Non-epithelial tumors
Primary nonepithelial tumors originating in the pancreas are rare and include fibroma, fibrosarcoma, hemangiosarcoma, liposarcoma, and nerve sheath tumors (Meuten, 2002; Head, 2003; Charles, 2007).
Secondary tumors
The pancreas may be invaded by direct extension from neoplastic diseases originating in contiguous organs such as alimentary lymphoma (Figure 8.41) and digestive (gastric or intestinal) carcinoma or may be involved in multicentric systemic disease (e.g., lymphoma, malignant histiocytosis) and disseminated malignancies through metastasis (Hayden et al., 1993; Meuten, 2002; Swann et al., 2002; Head, 2003; Charles, 2007). Distinguishing primitive pancreatic carcinoma from metastases of cholangiocellular or gastrointestinal carcinoma should be challenging on cytology and even on biopsies (34).

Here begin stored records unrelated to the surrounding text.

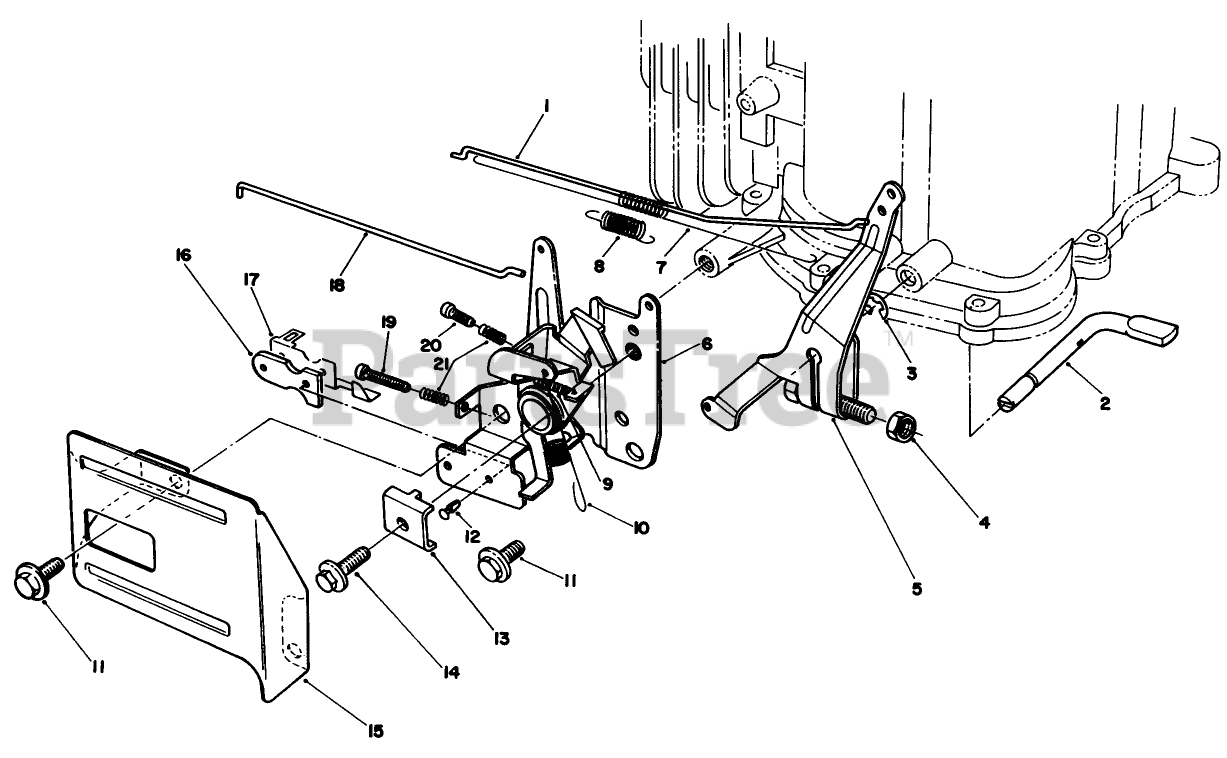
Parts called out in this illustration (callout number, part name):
7	SPRING
8	SPRING
10	SPRING
12	RIVET
13	CLAMP-CABLE
15	THROTTLE GUARD *
16	INSULATOR-KILL SWITCH
17	TERMINAL-KILL SWITCH
21	SPRING
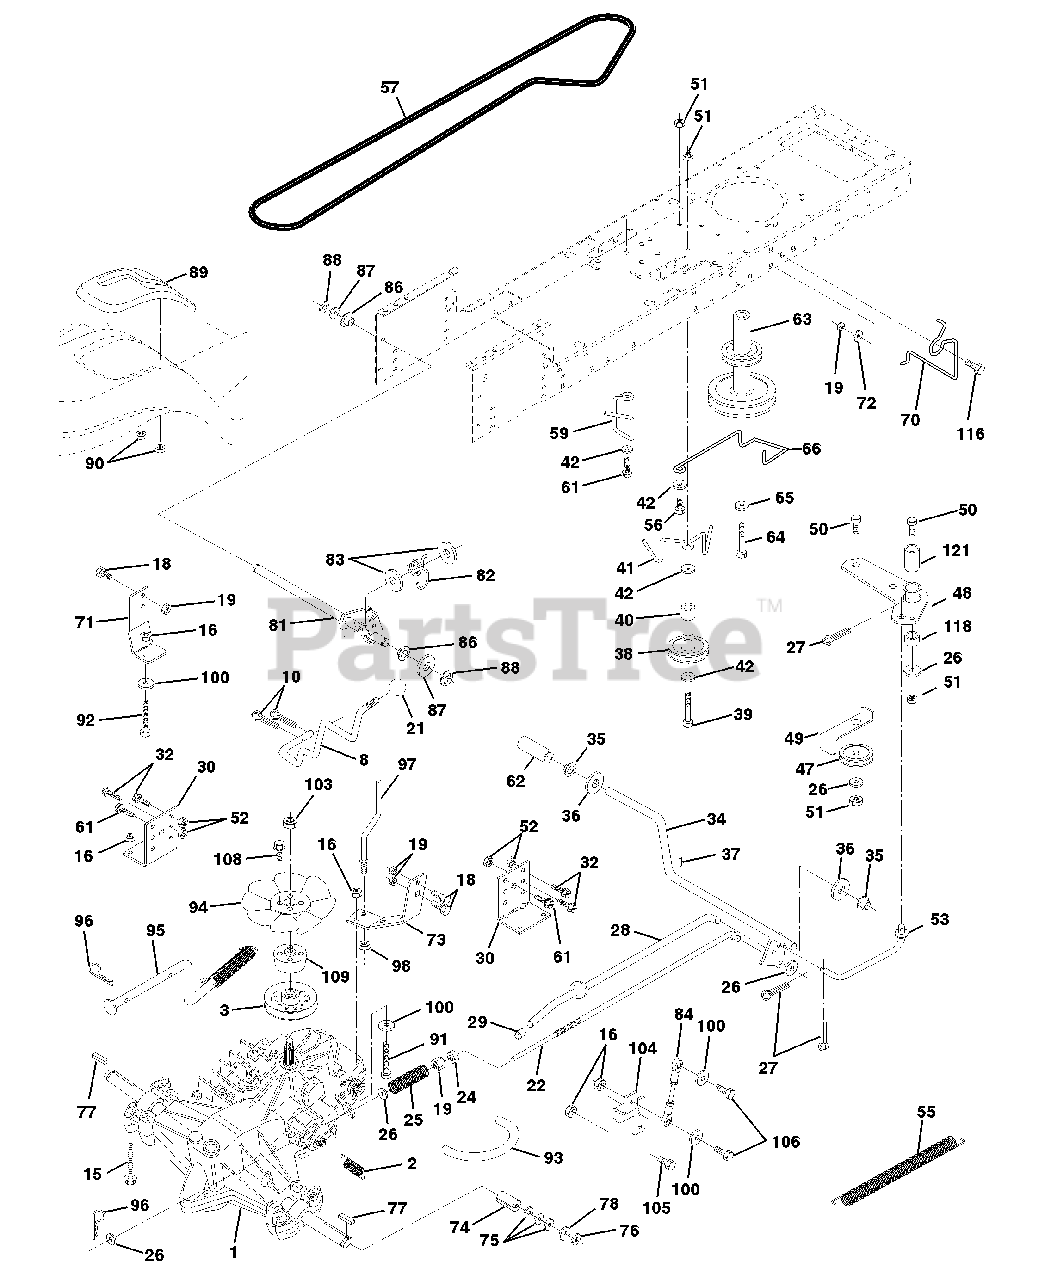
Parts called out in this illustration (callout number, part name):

Figures 8.40a,b Aspirate of a malignant insulinoma (islet cell carcinoma) from a dog. Higher magnification from Figure 8.39. The monomorphic neoplastic cells are medium sized with a medium to high nuclear to cytoplasmic ratio, sometimes delimited by very indistinct cytoplasmic borders (8.40a) and characterized by a polygonal shape (8.40b). Cytoplasm is slightly basophilic, and nuclei are round to ovoid, sometimes eccentrically placed, with reticular to finely clumped chromatin. The main minimal cellular atypias observed are mild to moderate anisokaryosis and some binucleations. May-Grünwald Giemsa (x1000).

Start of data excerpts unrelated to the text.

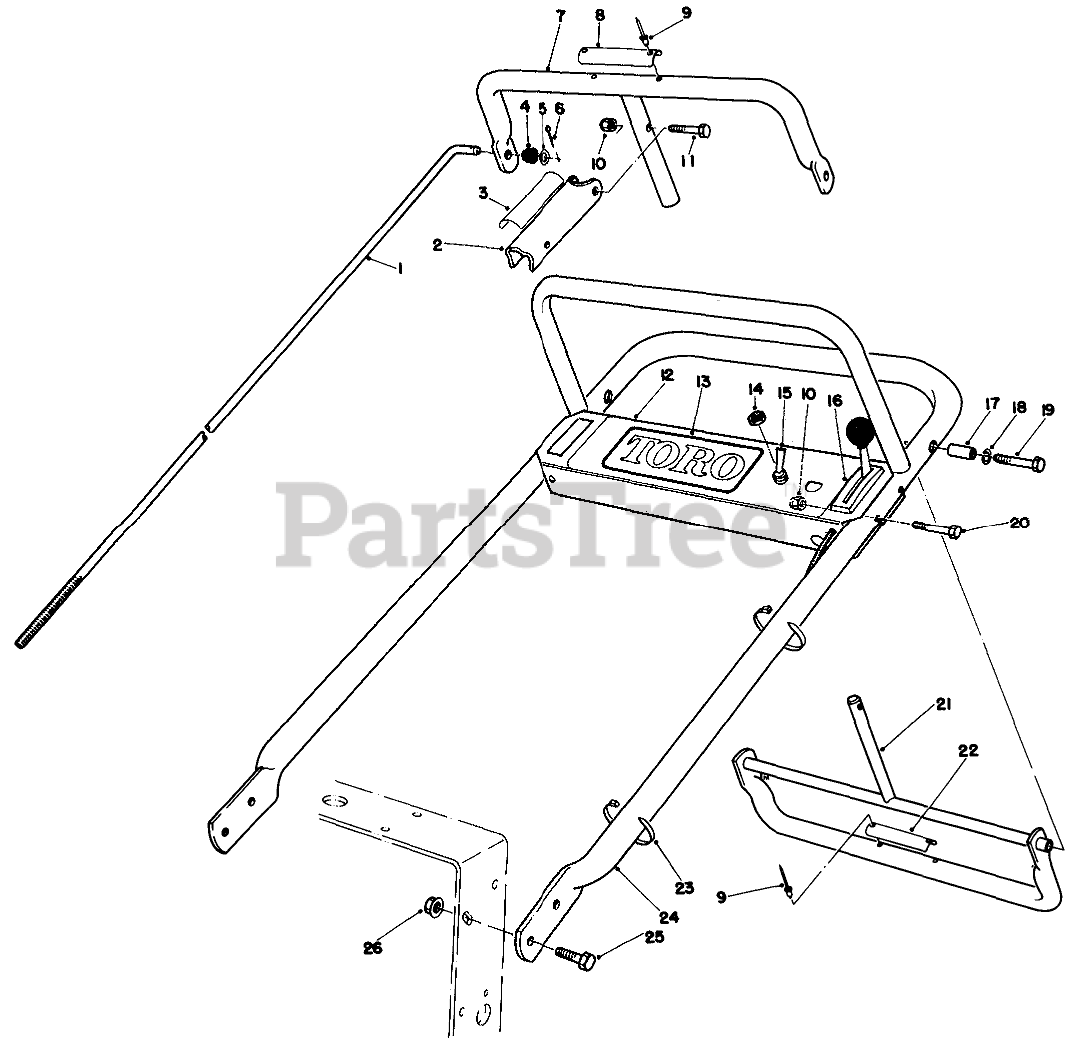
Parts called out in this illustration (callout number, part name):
1	ROD-CONTROL
2	Lever-Parking Brake
3	DECAL-LEVER, PARKING
4	GROMMET-RUBBER
5	WASHER-PLAIN
6	PIN-COTTER
7	Bar-Control
8	DECAL-CONTROL BAR
9	RIVET-BLIND
10	NUT-LOCK, NI
11	SCREW-SHH
12	Panel-Control
13	PANEL DECAL
14	NUT
15	Switch
16	THROTTLE-CONTROL
17	PIVOT-SPACER
18	WASHER-LOCK
19	SCREW-HH
20	SCREW-SHH
21	Control-Pivot
22	DECAL-REVERSE HANDLE
23	TIE-CABLE
24	HANDLE-UPPER
25	SCREW-HHF
26	NUT-HF

Figure 8.41 Aspirate of a pancreatic lymphoma. Presence of some hyperplastic acinar pancreatic cells associated with many round blastic cells. These blastic cells are large-sized and present a high nuclear to cytoplasmic ratio, a deeply basophilic cytoplasm, and a round to irregular nucleus associated with a finely reticulated chromatin pattern with one or numerous small to large nucleoli. These cells are highly suggestive of a high-grade lymphoma. May–Grünwald–Giemsa (?1,000).